Further, during the year ended March 31, 2024 and March 31, 2023, the Company has not received any fund from any person(s) or entity(ies), including foreign entities (Funding Party) with the understanding (whether recorded in writing or otherwise) that the Company shall: i) directly or indirectly lend or invest in other persons or entities identified in any manner whatsoever by or on behalf of the Funding Party (Ultimate Beneficiaries) or ii) provide any guarantee, security, or the like on behalf of the ultimate beneficiaries.

b. The Company has not invested or traded in Crypto Currency or Virtual Currency during the year ended March 31, 2024 (Previous: NIL)

c. No proceedings have been initiated on or are pending against the Company for holding benami property under the Prohibition of Benami Property Transactions Act, 1988 (as amended in 2016) (formerly the Benami Transactions (Prohibition) Act, 1988 (45 of 1988)) and Rules made thereunder during the year ended March 31, 2024(Previous year: Nil).

d. The Company has not been declared Wilful Defaulter by any bank or financial institution or government or any government authority during the year ended March 31, 2024 (Previous year: Nil).

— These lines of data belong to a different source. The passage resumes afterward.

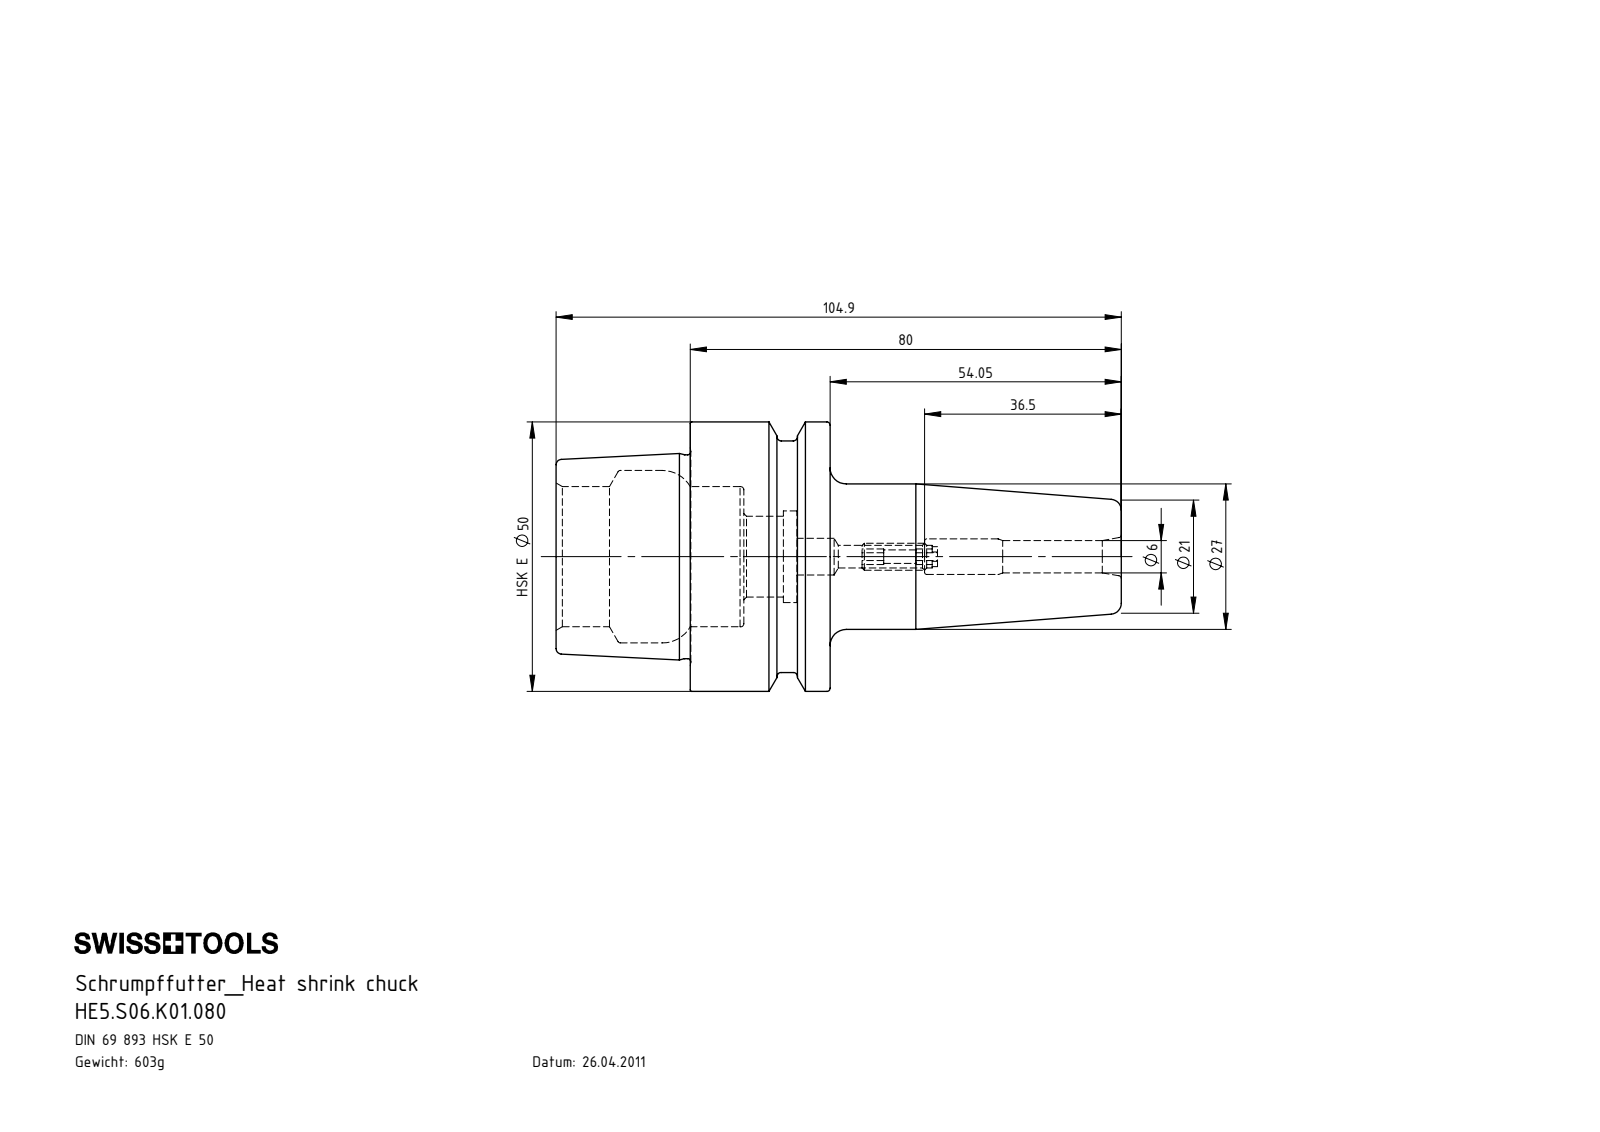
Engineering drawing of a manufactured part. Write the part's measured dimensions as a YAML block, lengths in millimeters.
part_name: "HE5.S06.K01.080; ERU-AN1.K01.014_A; HE5-S06.K01.080_B_Fertigbearbeitung"
step_written_by: "SolidWorks 2017 (AUTOMOTIVE_DESIGN)"
units: millimeters
bodies: {solids: 2, faces: 142, planar: 43, cylindrical: 34, other: 65}
overall_size: [104.9, 50, 50]
volume: 76828
surface_area: 20286
round_holes:
  - {diameter: 2.5, count: 1}
  - {diameter: 4.2, count: 1}
  - {diameter: 6, count: 1}
  - {diameter: 6.6, count: 1}
  - {diameter: 6.8, count: 1}
  - {diameter: 15, count: 1}
  - {diameter: 17, count: 1}
  - {diameter: 26, count: 1}
  - {diameter: 32, count: 1}
round_bosses_or_shafts:
  - {diameter: 50, count: 1}
  - {diameter: 42.95, count: 1}
  - {diameter: 37.81, count: 1}
  - {diameter: 27, count: 1}
  - {diameter: 5, count: 1}
face_to_face_distances: [25.95, 24.9, 50.85, 9.95, 34.85, 16, 44.7, 19.8, 9.85, 6.15]
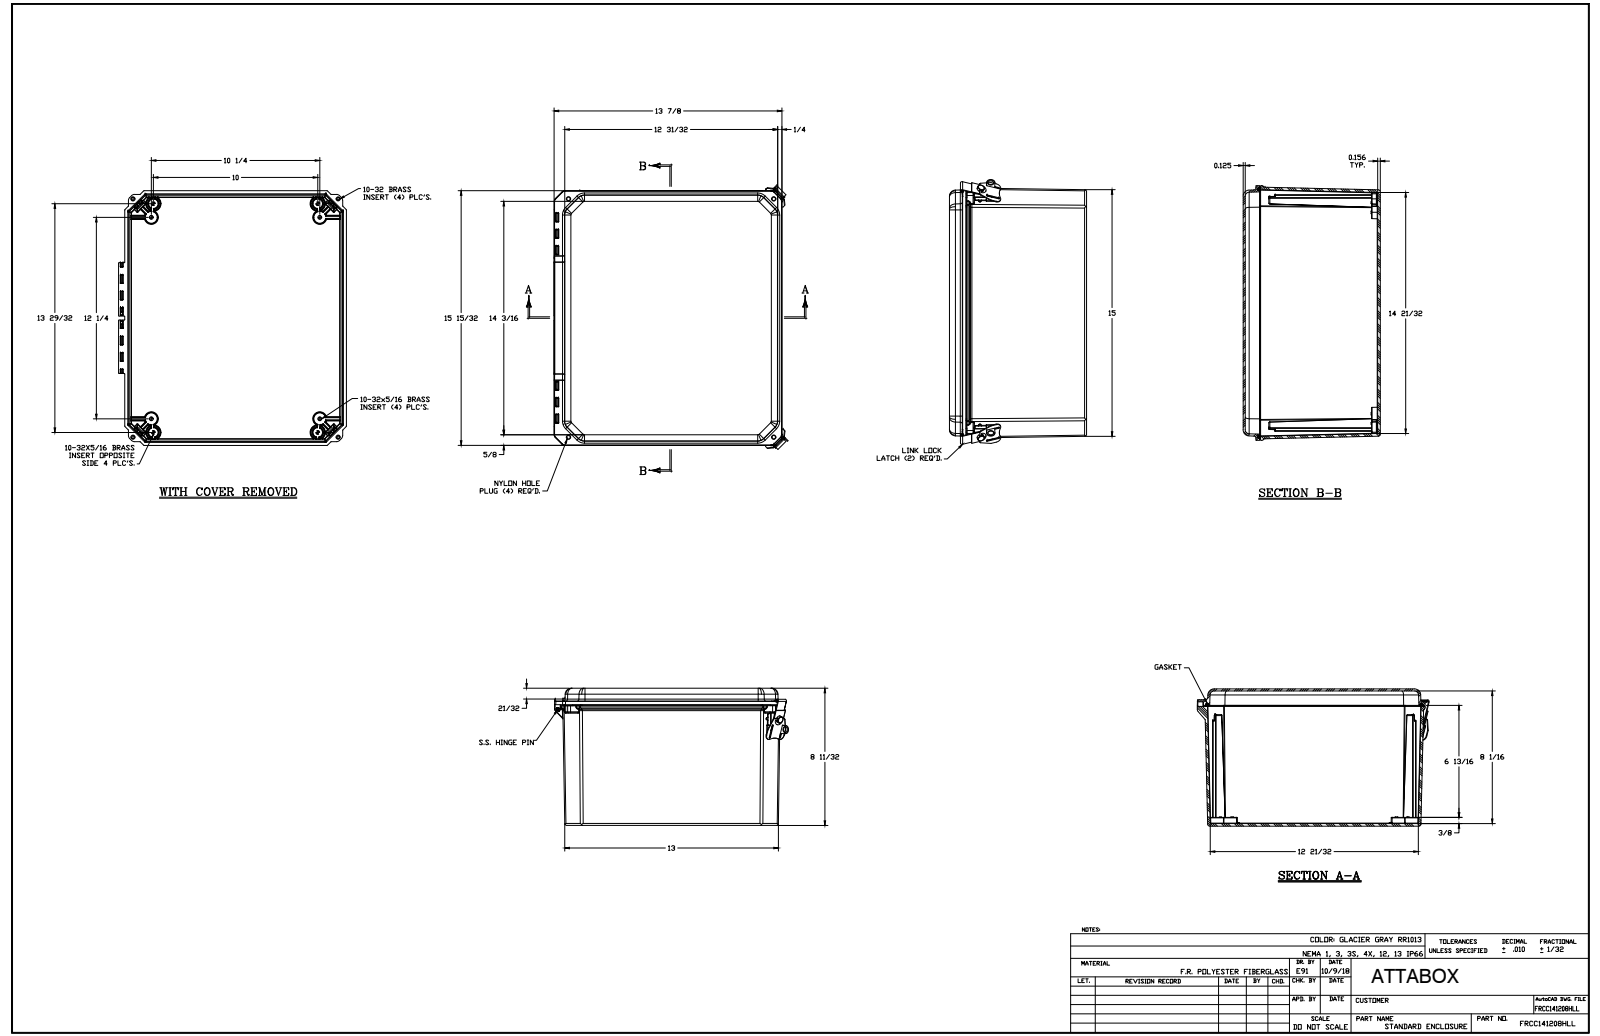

e. The Company has not surrendered or disclosed as income any transactions not recorded in the books of accounts in the course of tax assessments under the Income Tax Act, 1961 (such as, search or survey or any other relevant provisions of the Income Tax Act, 1961) during the year ended March 31, 2024 (Previous year: Nil).

f. The Company does not have any transactions with the companies struck off under section 248 of the Companies Act, 2013 or section 560 of the Companies Act, 1956 during the year ended March 31, 2024 (Previous year: Nil).

g. The Company has complied with the number of layers prescribed under clause (87) of section 2 of the Act read with the Companies (Restriction on number of Layers) Rules, 2017.